- Given data -
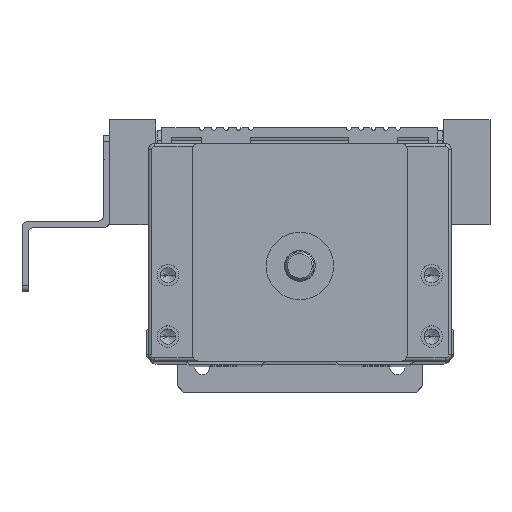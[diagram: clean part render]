
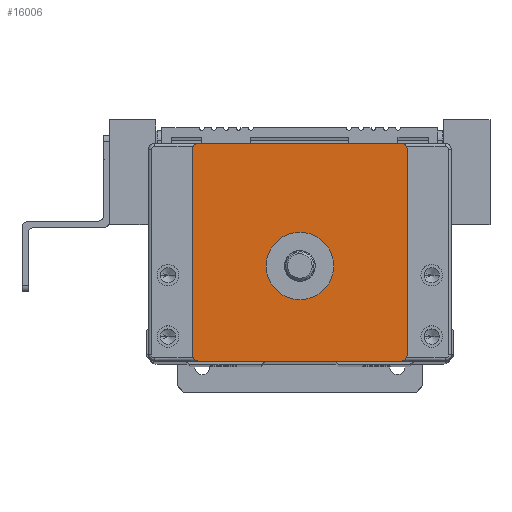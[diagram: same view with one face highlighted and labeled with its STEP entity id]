
A CAD part, top view. The second image highlights one B-rep face of the part: STEP entity #16006.
In plain terms, the highlighted planar face has unit normal (0, 0, 1).
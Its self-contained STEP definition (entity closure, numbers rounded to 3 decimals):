
#1097 = VERTEX_POINT ( 'NONE', #17897 ) ;
#1245 = VECTOR ( 'NONE', #15575, 1000. ) ;
#1260 = EDGE_CURVE ( 'NONE', #24276, #9217, #14444, .T. ) ;
#1405 = AXIS2_PLACEMENT_3D ( 'NONE', #3411, #20679, #5906 ) ;
#1520 = VERTEX_POINT ( 'NONE', #10700 ) ;
#1717 = EDGE_CURVE ( 'NONE', #3959, #31734, #11725, .T. ) ;
#1969 = CIRCLE ( 'NONE', #26702, 1. ) ;
#2037 = CARTESIAN_POINT ( 'NONE',  ( 17.5, -16.75, 10. ) ) ;
#2300 = DIRECTION ( 'NONE',  ( -1., 0., 0. ) ) ;
#2578 = CARTESIAN_POINT ( 'NONE',  ( -17.5, 16.75, 10. ) ) ;
#2948 = CARTESIAN_POINT ( 'NONE',  ( 16.5, -17.75, 10. ) ) ;
#3048 = CARTESIAN_POINT ( 'NONE',  ( -16.5, -17.75, 10. ) ) ;
#3411 = CARTESIAN_POINT ( 'NONE',  ( 16.5, -16.75, 10. ) ) ;
#3469 = CARTESIAN_POINT ( 'NONE',  ( 16.5, 17.75, 10. ) ) ;
#3500 = AXIS2_PLACEMENT_3D ( 'NONE', #8437, #25646, #10910 ) ;
#3959 = VERTEX_POINT ( 'NONE', #3048 ) ;
#4867 = ORIENTED_EDGE ( 'NONE', *, *, #27304, .T. ) ;
#5245 = CIRCLE ( 'NONE', #1405, 1. ) ;
#5434 = AXIS2_PLACEMENT_3D ( 'NONE', #9945, #29594, #14912 ) ;
#5513 = DIRECTION ( 'NONE',  ( 1., 0., 0. ) ) ;
#5589 = CARTESIAN_POINT ( 'NONE',  ( 24.7, -17.75, 10. ) ) ;
#5906 = DIRECTION ( 'NONE',  ( -1., 0., 0. ) ) ;
#6090 = DIRECTION ( 'NONE',  ( 0., 0., 1. ) ) ;
#7608 = ORIENTED_EDGE ( 'NONE', *, *, #1717, .T. ) ;
#8177 = AXIS2_PLACEMENT_3D ( 'NONE', #14650, #31805, #17120 ) ;
#8437 = CARTESIAN_POINT ( 'NONE',  ( 16.5, 16.75, 10. ) ) ;
#8707 = CARTESIAN_POINT ( 'NONE',  ( 0., -2.25, 10. ) ) ;
#9081 = ORIENTED_EDGE ( 'NONE', *, *, #27488, .T. ) ;
#9217 = VERTEX_POINT ( 'NONE', #17288 ) ;
#9370 = CARTESIAN_POINT ( 'NONE',  ( 24.7, 17.75, 10. ) ) ;
#9540 = VERTEX_POINT ( 'NONE', #13485 ) ;
#9945 = CARTESIAN_POINT ( 'NONE',  ( 0., 0., 10. ) ) ;
#10257 = FACE_BOUND ( 'NONE', #16395, .T. ) ;
#10350 = ORIENTED_EDGE ( 'NONE', *, *, #1260, .T. ) ;
#10581 = VECTOR ( 'NONE', #19284, 1000. ) ;
#10700 = CARTESIAN_POINT ( 'NONE',  ( -17.5, -16.75, 10. ) ) ;
#10910 = DIRECTION ( 'NONE',  ( -1., 0., 0. ) ) ;
#11192 = DIRECTION ( 'NONE',  ( -1., 0., 0. ) ) ;
#11397 = EDGE_LOOP ( 'NONE', ( #15568, #29120, #23184, #4867, #7608, #12320, #10350, #15180 ) ) ;
#11725 = LINE ( 'NONE', #5589, #16724 ) ;
#12320 = ORIENTED_EDGE ( 'NONE', *, *, #24563, .T. ) ;
#13485 = CARTESIAN_POINT ( 'NONE',  ( -5.5, -2.25, 10. ) ) ;
#14444 = LINE ( 'NONE', #15648, #1245 ) ;
#14650 = CARTESIAN_POINT ( 'NONE',  ( -16.5, 16.75, 10. ) ) ;
#14912 = DIRECTION ( 'NONE',  ( 1., 0., 0. ) ) ;
#15180 = ORIENTED_EDGE ( 'NONE', *, *, #25126, .T. ) ;
#15568 = ORIENTED_EDGE ( 'NONE', *, *, #25861, .T. ) ;
#15575 = DIRECTION ( 'NONE',  ( 0., 1., 0. ) ) ;
#15648 = CARTESIAN_POINT ( 'NONE',  ( 17.5, 0., 10. ) ) ;
#16006 = ADVANCED_FACE ( 'NONE', ( #10257, #17588 ), #27133, .T. ) ;
#16136 = CIRCLE ( 'NONE', #20759, 5.5 ) ;
#16216 = AXIS2_PLACEMENT_3D ( 'NONE', #31375, #16685, #2300 ) ;
#16395 = EDGE_LOOP ( 'NONE', ( #9081, #17090 ) ) ;
#16685 = DIRECTION ( 'NONE',  ( 0., 0., -1. ) ) ;
#16724 = VECTOR ( 'NONE', #5513, 1000. ) ;
#16811 = CIRCLE ( 'NONE', #3500, 1. ) ;
#17090 = ORIENTED_EDGE ( 'NONE', *, *, #21945, .T. ) ;
#17120 = DIRECTION ( 'NONE',  ( -1., 0., 0. ) ) ;
#17133 = CARTESIAN_POINT ( 'NONE',  ( 5.5, -2.25, 10. ) ) ;
#17288 = CARTESIAN_POINT ( 'NONE',  ( 17.5, 16.75, 10. ) ) ;
#17356 = VECTOR ( 'NONE', #29246, 1000. ) ;
#17455 = VERTEX_POINT ( 'NONE', #17133 ) ;
#17588 = FACE_OUTER_BOUND ( 'NONE', #11397, .T. ) ;
#17897 = CARTESIAN_POINT ( 'NONE',  ( -16.5, 17.75, 10. ) ) ;
#18119 = LINE ( 'NONE', #26799, #17356 ) ;
#19156 = VERTEX_POINT ( 'NONE', #3469 ) ;
#19284 = DIRECTION ( 'NONE',  ( -1., 0., 0. ) ) ;
#20220 = EDGE_CURVE ( 'NONE', #26589, #1520, #18119, .T. ) ;
#20679 = DIRECTION ( 'NONE',  ( 0., 0., 1. ) ) ;
#20759 = AXIS2_PLACEMENT_3D ( 'NONE', #8707, #25919, #11192 ) ;
#20863 = CARTESIAN_POINT ( 'NONE',  ( -16.5, -16.75, 10. ) ) ;
#21945 = EDGE_CURVE ( 'NONE', #17455, #9540, #16136, .T. ) ;
#22021 = CIRCLE ( 'NONE', #16216, 5.5 ) ;
#23184 = ORIENTED_EDGE ( 'NONE', *, *, #20220, .T. ) ;
#23327 = DIRECTION ( 'NONE',  ( -1., 0., 0. ) ) ;
#23666 = LINE ( 'NONE', #9370, #10581 ) ;
#23880 = CIRCLE ( 'NONE', #8177, 1. ) ;
#24276 = VERTEX_POINT ( 'NONE', #2037 ) ;
#24563 = EDGE_CURVE ( 'NONE', #31734, #24276, #5245, .T. ) ;
#25126 = EDGE_CURVE ( 'NONE', #9217, #19156, #16811, .T. ) ;
#25646 = DIRECTION ( 'NONE',  ( 0., 0., 1. ) ) ;
#25861 = EDGE_CURVE ( 'NONE', #19156, #1097, #23666, .T. ) ;
#25919 = DIRECTION ( 'NONE',  ( 0., 0., -1. ) ) ;
#26589 = VERTEX_POINT ( 'NONE', #2578 ) ;
#26702 = AXIS2_PLACEMENT_3D ( 'NONE', #20863, #6090, #23327 ) ;
#26799 = CARTESIAN_POINT ( 'NONE',  ( -17.5, 0., 10. ) ) ;
#27133 = PLANE ( 'NONE',  #5434 ) ;
#27304 = EDGE_CURVE ( 'NONE', #1520, #3959, #1969, .T. ) ;
#27488 = EDGE_CURVE ( 'NONE', #9540, #17455, #22021, .T. ) ;
#28752 = EDGE_CURVE ( 'NONE', #1097, #26589, #23880, .T. ) ;
#29120 = ORIENTED_EDGE ( 'NONE', *, *, #28752, .T. ) ;
#29246 = DIRECTION ( 'NONE',  ( 0., -1., 0. ) ) ;
#29594 = DIRECTION ( 'NONE',  ( 0., 0., 1. ) ) ;
#31375 = CARTESIAN_POINT ( 'NONE',  ( 0., -2.25, 10. ) ) ;
#31734 = VERTEX_POINT ( 'NONE', #2948 ) ;
#31805 = DIRECTION ( 'NONE',  ( 0., 0., 1. ) ) ;

- Directions -
Look above for the line holding "#10257 = FACE_BOUND ( 'NONE', #16395, .T. ) ;" and the line holding "#11192 = DIRECTION". Retype both, and every line between them, word for word and nothing else.

- Response to this exercise -
#10257 = FACE_BOUND ( 'NONE', #16395, .T. ) ;
#10350 = ORIENTED_EDGE ( 'NONE', *, *, #1260, .T. ) ;
#10581 = VECTOR ( 'NONE', #19284, 1000. ) ;
#10700 = CARTESIAN_POINT ( 'NONE',  ( -17.5, -16.75, 10. ) ) ;
#10910 = DIRECTION ( 'NONE',  ( -1., 0., 0. ) ) ;
#11192 = DIRECTION ( 'NONE',  ( -1., 0., 0. ) ) ;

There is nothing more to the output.